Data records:
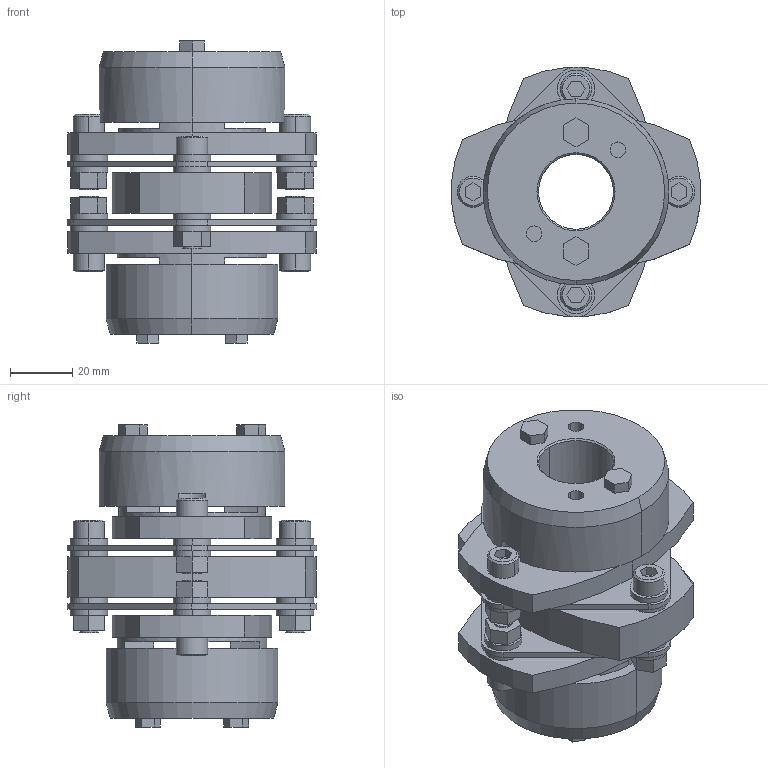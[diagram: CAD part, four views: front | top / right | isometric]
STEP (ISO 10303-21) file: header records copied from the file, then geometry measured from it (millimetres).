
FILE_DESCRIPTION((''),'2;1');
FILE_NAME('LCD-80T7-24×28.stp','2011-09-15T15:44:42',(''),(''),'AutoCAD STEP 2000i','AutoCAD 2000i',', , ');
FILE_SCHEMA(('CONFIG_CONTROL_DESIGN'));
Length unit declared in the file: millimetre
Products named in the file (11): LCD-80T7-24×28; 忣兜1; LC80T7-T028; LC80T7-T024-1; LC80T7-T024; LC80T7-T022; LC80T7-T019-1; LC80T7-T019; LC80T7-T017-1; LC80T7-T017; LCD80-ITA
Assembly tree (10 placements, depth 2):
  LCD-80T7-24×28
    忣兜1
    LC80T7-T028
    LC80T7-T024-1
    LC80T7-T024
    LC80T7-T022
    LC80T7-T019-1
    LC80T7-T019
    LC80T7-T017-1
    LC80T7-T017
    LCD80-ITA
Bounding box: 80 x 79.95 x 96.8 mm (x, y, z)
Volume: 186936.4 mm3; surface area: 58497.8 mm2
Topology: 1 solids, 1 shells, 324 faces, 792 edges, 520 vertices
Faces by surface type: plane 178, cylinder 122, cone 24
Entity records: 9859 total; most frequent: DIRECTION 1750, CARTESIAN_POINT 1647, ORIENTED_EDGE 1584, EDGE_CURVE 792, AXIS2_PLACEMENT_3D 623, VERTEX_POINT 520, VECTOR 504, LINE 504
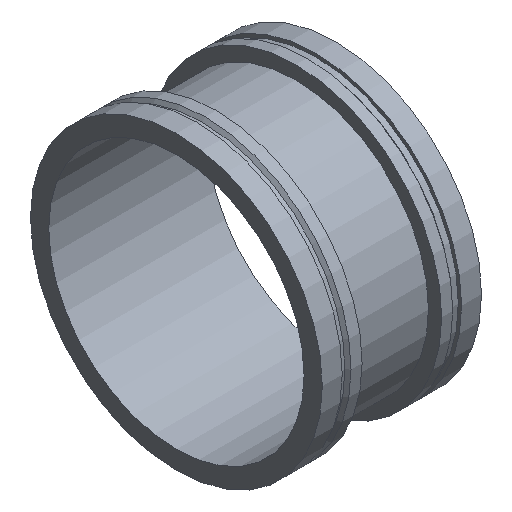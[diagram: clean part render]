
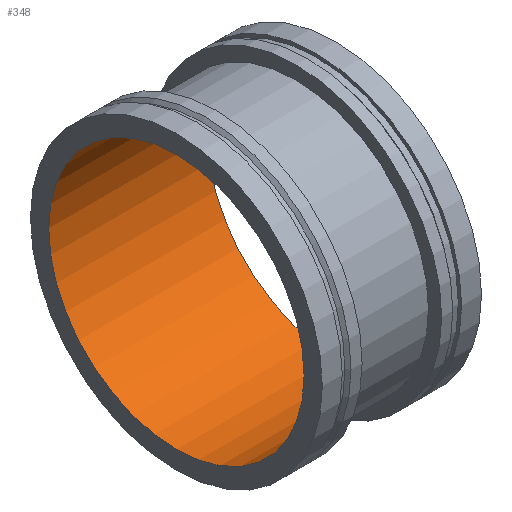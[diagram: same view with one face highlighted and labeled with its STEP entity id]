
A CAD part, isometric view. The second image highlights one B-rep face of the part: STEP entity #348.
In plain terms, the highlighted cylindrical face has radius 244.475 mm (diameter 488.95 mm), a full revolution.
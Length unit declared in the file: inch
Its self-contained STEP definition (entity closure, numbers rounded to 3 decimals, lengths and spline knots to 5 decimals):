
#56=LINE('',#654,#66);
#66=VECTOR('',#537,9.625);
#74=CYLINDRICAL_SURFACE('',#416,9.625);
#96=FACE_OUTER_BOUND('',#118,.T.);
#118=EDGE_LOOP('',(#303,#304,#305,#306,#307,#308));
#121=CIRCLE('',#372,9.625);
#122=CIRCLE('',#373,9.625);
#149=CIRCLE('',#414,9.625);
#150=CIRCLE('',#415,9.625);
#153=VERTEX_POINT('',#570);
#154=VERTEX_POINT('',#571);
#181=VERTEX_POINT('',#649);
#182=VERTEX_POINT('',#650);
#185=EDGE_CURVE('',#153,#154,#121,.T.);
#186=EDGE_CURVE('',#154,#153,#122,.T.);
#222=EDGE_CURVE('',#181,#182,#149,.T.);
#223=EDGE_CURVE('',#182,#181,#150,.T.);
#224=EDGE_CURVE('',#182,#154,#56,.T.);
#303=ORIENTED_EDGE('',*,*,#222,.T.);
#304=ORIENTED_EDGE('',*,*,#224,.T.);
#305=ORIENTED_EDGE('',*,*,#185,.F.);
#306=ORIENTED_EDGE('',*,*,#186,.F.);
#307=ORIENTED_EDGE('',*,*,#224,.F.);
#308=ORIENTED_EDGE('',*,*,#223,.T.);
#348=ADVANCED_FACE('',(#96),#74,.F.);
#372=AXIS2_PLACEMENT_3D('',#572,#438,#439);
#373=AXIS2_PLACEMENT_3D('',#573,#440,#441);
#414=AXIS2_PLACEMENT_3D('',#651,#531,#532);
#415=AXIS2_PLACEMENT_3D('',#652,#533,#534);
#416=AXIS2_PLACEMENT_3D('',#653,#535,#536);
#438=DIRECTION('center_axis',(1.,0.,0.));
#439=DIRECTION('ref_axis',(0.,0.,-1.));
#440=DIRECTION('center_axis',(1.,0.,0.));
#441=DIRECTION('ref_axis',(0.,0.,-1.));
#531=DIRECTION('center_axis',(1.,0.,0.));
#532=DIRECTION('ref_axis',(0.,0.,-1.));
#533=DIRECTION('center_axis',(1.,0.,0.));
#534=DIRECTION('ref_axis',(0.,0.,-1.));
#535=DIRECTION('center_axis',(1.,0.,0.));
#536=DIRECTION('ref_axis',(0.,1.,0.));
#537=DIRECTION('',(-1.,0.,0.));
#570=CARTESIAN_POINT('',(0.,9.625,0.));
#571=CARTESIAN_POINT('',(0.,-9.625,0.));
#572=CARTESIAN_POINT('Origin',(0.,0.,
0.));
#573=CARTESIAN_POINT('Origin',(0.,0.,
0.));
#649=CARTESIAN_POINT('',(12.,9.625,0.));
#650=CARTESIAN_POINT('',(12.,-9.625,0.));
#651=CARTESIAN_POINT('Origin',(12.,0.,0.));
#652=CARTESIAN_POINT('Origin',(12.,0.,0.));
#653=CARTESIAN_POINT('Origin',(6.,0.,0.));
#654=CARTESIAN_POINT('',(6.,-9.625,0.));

**WHAT TO WORK ON**
Each line of the entries that contains the word "VECTOR" should be listed.

**RESPONSE BELOW**
Entity records: 9859 total; most frequent: DIRECTION 1750, CARTESIAN_POINT 1647, ORIENTED_EDGE 1584, EDGE_CURVE 792, AXIS2_PLACEMENT_3D 623, VERTEX_POINT 520, VECTOR 504, LINE 504
#66=VECTOR('',#537,9.625);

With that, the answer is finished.